[WHAT YOU SHOULD DO]: Write out only the opening lines of the entries, through the line with "Shaft1: profile Sketch1, axis".

=== SUPPLIED INFORMATION ===

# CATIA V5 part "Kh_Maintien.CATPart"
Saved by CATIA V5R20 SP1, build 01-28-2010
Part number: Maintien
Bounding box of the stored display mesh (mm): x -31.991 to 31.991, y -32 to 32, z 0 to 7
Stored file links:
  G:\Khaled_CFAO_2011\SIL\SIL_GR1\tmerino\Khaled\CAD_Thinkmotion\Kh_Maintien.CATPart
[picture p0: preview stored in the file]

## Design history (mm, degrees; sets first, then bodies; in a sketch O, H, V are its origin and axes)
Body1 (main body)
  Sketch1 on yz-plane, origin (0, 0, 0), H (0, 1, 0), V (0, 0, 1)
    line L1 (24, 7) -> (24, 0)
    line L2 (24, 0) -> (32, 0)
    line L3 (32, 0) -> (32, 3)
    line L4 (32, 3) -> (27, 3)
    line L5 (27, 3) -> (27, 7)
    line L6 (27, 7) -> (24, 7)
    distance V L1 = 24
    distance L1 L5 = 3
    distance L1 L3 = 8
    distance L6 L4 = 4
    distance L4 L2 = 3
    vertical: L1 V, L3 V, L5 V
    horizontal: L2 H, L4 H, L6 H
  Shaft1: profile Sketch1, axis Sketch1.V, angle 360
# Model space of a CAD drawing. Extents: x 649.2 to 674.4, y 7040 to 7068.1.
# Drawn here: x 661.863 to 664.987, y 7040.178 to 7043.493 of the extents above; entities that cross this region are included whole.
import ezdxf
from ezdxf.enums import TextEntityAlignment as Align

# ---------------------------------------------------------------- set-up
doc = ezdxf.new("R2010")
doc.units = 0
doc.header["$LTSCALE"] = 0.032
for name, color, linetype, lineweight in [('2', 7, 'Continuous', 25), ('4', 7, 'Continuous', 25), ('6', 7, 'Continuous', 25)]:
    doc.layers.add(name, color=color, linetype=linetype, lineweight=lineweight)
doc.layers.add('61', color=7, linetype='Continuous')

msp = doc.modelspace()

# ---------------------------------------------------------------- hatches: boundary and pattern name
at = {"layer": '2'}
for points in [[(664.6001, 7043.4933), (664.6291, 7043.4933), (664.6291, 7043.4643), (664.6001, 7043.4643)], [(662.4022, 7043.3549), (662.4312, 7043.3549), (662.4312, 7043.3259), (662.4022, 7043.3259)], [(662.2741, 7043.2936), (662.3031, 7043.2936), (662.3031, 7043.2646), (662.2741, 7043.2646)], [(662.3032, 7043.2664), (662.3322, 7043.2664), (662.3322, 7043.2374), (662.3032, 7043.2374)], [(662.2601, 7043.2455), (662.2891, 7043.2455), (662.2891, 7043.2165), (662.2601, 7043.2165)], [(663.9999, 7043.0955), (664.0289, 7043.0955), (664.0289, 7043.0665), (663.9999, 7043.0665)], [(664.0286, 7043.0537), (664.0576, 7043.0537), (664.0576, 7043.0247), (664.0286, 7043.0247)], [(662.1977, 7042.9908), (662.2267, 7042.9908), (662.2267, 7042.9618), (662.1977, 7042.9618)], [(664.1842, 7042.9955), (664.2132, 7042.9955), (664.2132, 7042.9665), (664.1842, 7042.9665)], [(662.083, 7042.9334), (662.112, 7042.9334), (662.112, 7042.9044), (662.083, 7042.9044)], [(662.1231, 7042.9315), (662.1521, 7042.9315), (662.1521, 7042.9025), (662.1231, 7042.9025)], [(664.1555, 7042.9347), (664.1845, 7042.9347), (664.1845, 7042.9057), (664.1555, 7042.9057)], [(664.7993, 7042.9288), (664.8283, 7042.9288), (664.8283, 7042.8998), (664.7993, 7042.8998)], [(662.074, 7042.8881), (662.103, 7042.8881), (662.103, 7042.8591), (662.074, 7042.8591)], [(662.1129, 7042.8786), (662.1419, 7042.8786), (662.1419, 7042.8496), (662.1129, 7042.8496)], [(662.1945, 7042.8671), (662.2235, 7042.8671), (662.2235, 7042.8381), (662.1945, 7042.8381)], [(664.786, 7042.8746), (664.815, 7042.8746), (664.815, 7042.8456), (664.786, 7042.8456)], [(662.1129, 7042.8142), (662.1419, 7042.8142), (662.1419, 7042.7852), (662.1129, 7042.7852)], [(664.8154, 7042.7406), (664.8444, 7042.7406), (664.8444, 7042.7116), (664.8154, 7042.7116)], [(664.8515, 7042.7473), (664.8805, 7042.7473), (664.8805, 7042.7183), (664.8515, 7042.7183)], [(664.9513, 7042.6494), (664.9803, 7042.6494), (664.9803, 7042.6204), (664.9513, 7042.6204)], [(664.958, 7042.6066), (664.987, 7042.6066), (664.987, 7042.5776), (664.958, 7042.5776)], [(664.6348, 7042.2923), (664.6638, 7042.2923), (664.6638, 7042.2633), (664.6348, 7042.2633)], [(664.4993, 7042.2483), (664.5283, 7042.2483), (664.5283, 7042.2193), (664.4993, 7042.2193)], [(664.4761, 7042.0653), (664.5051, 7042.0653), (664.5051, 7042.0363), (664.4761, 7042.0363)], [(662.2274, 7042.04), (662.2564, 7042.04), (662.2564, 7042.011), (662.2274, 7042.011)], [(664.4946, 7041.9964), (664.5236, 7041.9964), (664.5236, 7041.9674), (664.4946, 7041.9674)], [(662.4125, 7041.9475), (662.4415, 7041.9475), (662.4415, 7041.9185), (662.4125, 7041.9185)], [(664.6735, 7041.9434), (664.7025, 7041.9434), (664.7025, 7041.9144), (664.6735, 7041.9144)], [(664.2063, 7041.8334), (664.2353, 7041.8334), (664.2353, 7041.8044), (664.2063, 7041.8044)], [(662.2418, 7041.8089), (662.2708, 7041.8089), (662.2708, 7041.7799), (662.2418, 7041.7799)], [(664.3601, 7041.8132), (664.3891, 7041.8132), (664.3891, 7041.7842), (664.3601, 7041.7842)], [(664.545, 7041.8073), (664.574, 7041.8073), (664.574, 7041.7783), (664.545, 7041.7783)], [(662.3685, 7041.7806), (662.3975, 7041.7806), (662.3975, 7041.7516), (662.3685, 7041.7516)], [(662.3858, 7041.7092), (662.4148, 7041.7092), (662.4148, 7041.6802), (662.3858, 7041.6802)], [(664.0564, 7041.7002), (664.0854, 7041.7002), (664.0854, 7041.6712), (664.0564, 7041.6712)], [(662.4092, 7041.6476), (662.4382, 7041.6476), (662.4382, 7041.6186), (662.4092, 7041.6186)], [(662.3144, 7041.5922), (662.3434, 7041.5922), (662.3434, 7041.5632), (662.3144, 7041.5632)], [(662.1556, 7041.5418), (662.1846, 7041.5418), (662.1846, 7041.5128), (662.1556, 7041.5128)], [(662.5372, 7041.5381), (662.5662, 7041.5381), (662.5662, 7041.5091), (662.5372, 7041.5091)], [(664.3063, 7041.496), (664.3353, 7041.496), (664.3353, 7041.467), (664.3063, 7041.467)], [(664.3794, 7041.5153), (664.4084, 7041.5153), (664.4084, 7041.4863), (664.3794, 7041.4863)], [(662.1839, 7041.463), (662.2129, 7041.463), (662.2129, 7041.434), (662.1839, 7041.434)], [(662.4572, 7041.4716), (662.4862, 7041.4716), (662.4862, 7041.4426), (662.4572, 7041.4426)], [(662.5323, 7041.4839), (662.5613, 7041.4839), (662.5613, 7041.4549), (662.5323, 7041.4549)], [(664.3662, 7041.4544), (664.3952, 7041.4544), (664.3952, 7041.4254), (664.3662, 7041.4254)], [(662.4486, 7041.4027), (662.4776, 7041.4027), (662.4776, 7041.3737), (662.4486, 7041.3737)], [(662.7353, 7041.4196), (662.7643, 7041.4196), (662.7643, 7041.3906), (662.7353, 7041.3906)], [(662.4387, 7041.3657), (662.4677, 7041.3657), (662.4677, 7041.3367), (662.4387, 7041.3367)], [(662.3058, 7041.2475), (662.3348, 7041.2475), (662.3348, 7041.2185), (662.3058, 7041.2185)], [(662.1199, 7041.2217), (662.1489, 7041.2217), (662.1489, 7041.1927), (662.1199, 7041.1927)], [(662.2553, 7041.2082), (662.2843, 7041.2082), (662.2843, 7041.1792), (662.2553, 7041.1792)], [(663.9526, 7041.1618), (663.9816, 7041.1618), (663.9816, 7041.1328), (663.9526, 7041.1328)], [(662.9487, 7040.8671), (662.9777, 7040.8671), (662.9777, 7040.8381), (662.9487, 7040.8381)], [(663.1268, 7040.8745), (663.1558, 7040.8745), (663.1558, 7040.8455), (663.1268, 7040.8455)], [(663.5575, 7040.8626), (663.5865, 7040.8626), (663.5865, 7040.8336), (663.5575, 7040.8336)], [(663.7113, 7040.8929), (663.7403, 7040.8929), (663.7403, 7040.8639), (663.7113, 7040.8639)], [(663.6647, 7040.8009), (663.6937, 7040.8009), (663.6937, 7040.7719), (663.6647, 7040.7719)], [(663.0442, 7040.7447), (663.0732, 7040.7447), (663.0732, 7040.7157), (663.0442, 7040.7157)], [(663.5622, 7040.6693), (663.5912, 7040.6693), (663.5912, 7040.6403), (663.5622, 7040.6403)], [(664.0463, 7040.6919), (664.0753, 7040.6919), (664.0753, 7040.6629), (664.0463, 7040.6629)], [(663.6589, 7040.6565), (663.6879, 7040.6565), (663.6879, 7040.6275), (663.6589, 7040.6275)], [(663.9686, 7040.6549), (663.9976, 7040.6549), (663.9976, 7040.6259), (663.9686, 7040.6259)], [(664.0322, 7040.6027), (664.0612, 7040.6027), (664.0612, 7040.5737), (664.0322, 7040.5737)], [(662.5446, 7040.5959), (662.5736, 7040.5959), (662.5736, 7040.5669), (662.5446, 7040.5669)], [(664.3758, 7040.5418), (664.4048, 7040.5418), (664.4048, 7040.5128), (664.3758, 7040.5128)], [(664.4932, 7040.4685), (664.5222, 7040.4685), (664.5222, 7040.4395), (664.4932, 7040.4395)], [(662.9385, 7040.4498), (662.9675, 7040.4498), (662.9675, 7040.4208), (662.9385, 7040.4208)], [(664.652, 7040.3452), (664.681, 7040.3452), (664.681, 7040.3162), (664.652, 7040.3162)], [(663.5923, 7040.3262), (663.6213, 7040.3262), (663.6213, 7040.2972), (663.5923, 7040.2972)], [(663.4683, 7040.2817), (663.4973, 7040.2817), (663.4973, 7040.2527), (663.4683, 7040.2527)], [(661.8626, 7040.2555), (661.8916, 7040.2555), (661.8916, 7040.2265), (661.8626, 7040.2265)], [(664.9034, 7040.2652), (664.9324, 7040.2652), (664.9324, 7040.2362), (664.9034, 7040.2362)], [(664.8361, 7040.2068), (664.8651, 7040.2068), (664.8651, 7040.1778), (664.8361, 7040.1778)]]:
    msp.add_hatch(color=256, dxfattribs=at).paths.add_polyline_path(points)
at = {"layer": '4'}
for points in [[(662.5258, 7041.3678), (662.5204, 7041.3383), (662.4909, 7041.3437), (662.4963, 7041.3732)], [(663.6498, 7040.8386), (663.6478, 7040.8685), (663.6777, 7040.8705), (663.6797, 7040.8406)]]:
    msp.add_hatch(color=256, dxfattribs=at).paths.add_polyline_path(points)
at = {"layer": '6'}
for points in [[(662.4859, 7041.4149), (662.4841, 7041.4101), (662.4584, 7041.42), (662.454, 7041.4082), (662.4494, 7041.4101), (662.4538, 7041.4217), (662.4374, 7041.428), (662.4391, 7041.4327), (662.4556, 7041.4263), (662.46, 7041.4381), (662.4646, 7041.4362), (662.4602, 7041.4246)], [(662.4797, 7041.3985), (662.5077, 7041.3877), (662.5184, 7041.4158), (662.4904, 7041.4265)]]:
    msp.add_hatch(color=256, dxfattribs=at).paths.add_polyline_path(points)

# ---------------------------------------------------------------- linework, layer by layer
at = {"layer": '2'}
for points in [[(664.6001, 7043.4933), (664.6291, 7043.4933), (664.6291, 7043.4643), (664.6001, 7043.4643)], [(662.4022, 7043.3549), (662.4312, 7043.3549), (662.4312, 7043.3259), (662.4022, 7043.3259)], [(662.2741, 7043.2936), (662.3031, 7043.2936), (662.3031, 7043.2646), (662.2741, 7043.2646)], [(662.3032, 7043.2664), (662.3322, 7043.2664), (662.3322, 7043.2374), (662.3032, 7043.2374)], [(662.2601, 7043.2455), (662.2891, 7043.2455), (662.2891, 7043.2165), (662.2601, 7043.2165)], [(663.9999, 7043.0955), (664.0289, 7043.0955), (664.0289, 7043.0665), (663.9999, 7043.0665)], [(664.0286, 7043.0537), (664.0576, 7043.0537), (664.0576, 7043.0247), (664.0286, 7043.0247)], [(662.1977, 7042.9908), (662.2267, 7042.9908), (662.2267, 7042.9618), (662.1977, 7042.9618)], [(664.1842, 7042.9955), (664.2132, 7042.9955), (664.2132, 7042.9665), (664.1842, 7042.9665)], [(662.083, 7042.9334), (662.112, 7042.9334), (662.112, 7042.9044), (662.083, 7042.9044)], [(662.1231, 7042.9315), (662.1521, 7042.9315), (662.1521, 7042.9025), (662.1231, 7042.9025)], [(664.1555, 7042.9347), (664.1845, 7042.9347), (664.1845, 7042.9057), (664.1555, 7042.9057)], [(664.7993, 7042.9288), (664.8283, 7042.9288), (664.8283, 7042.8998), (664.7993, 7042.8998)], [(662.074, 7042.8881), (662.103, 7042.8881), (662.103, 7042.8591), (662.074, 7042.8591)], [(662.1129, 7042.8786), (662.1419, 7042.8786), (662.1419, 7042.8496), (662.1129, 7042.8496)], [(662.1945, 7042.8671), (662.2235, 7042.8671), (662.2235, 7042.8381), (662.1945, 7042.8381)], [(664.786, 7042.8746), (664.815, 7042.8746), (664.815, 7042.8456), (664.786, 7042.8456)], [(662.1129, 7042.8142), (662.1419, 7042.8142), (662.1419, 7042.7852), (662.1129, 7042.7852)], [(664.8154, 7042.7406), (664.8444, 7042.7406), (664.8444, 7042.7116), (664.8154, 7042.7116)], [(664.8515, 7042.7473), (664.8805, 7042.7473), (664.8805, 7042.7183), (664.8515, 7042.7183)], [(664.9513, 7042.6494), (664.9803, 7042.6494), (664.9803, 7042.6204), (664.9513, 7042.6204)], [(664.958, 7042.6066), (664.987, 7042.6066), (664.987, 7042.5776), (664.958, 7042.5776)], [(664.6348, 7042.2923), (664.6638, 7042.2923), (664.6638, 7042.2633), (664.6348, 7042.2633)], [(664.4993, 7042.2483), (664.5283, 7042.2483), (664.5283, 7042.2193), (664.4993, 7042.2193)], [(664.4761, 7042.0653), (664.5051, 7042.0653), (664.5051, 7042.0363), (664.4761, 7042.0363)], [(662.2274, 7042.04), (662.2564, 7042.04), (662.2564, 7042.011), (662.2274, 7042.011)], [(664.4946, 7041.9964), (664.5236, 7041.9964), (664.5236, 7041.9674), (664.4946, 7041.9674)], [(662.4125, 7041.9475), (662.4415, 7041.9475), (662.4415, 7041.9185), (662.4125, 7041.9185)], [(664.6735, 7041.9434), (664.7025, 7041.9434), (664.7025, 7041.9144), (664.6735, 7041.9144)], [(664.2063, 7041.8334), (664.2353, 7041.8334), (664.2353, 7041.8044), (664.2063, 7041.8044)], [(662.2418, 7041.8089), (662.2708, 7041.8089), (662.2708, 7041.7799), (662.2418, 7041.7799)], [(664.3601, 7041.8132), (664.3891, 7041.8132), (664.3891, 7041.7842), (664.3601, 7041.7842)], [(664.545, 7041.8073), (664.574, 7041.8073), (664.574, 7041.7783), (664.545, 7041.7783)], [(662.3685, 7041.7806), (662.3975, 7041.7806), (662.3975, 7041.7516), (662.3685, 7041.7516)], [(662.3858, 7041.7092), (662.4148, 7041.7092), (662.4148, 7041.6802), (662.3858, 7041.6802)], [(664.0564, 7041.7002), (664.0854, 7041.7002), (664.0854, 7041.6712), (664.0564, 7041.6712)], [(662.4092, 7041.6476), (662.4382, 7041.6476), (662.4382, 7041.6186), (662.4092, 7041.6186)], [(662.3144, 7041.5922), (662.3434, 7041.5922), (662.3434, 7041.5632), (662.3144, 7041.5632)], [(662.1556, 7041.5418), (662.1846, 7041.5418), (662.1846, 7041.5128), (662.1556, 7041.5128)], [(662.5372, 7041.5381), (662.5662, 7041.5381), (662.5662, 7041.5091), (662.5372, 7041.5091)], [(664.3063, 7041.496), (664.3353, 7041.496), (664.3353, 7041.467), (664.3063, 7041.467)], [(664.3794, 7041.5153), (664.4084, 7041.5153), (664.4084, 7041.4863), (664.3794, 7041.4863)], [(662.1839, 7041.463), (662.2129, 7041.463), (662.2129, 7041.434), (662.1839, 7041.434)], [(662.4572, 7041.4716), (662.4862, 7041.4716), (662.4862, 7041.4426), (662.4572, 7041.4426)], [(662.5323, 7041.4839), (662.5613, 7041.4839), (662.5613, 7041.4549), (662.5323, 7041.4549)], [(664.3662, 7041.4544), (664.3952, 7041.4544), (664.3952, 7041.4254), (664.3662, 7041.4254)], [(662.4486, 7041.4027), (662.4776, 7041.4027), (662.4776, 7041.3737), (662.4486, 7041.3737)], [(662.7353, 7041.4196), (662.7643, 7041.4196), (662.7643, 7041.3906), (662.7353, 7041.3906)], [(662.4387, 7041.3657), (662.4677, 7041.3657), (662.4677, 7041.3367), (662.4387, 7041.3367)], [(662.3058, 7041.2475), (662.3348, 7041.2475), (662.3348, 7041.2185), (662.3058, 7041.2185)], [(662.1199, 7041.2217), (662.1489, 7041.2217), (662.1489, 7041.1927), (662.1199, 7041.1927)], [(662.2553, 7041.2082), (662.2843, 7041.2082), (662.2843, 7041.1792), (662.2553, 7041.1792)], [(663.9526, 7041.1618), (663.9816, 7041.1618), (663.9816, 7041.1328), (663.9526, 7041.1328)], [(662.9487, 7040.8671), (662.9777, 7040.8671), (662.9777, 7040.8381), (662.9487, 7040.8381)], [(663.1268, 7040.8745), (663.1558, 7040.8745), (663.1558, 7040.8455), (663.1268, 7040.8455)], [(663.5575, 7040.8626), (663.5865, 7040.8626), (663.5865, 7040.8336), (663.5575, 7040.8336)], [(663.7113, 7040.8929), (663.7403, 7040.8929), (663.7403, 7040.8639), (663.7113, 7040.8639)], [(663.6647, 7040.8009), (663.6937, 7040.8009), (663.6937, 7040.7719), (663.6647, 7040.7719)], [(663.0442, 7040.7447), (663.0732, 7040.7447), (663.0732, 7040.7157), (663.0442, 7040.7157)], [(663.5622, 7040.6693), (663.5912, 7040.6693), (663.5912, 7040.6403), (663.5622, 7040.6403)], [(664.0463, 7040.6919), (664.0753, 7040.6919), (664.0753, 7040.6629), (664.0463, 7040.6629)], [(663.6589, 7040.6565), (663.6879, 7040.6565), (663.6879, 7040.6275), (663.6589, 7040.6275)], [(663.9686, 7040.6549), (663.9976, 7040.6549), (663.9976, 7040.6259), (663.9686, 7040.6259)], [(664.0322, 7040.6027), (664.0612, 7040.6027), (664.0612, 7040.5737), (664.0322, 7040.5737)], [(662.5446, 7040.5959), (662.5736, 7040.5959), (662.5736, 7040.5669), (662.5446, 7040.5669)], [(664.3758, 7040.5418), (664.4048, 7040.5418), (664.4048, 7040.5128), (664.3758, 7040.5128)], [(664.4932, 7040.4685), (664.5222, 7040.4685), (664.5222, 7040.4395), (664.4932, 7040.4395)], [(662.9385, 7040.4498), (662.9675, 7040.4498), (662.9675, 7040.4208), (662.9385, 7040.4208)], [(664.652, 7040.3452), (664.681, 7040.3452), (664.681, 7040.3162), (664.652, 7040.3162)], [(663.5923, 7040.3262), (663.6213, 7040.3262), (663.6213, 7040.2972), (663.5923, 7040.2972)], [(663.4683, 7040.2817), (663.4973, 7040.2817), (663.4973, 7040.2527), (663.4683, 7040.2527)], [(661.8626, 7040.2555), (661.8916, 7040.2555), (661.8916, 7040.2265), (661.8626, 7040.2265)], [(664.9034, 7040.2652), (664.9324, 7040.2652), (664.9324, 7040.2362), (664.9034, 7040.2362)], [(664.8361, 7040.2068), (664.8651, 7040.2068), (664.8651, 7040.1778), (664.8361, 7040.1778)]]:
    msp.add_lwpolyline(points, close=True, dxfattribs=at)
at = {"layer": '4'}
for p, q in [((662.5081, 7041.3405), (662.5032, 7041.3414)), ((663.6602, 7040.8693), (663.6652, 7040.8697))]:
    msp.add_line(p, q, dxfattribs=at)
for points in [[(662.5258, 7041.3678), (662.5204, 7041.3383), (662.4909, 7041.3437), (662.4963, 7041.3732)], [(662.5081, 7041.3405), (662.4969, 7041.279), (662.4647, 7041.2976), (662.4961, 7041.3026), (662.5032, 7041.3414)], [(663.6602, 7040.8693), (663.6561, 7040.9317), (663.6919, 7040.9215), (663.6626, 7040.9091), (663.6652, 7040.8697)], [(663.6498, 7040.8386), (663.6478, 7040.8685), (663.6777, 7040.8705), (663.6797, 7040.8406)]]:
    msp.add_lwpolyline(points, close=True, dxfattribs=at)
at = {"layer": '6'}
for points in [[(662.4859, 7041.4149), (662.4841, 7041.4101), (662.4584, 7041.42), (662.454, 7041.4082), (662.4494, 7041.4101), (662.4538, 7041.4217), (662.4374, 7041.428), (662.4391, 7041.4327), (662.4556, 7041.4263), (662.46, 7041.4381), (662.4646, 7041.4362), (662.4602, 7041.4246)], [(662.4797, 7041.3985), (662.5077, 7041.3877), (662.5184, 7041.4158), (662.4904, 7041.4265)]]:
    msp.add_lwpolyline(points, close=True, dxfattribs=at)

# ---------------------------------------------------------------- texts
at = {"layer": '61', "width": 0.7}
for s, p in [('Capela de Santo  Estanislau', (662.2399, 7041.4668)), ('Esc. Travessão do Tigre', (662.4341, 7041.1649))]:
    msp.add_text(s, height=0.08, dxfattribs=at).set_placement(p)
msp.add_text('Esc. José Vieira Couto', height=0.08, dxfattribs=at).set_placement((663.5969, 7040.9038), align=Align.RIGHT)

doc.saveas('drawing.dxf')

===

[SOLUTION BELOW]:
# CATIA V5 part "Kh_Maintien.CATPart"
Saved by CATIA V5R20 SP1, build 01-28-2010
Part number: Maintien
Bounding box of the stored display mesh (mm): x -31.991 to 31.991, y -32 to 32, z 0 to 7
Stored file links:
  G:\Khaled_CFAO_2011\SIL\SIL_GR1\tmerino\Khaled\CAD_Thinkmotion\Kh_Maintien.CATPart
[picture p0: preview stored in the file]

## Design history (mm, degrees; sets first, then bodies; in a sketch O, H, V are its origin and axes)
Body1 (main body)
  Sketch1 on yz-plane, origin (0, 0, 0), H (0, 1, 0), V (0, 0, 1)
    line L1 (24, 7) -> (24, 0)
    line L2 (24, 0) -> (32, 0)
    line L3 (32, 0) -> (32, 3)
    line L4 (32, 3) -> (27, 3)
    line L5 (27, 3) -> (27, 7)
    line L6 (27, 7) -> (24, 7)
    distance V L1 = 24
    distance L1 L5 = 3
    distance L1 L3 = 8
    distance L6 L4 = 4
    distance L4 L2 = 3
    vertical: L1 V, L3 V, L5 V
    horizontal: L2 H, L4 H, L6 H
  Shaft1: profile Sketch1, axis Sketch1.V, angle 360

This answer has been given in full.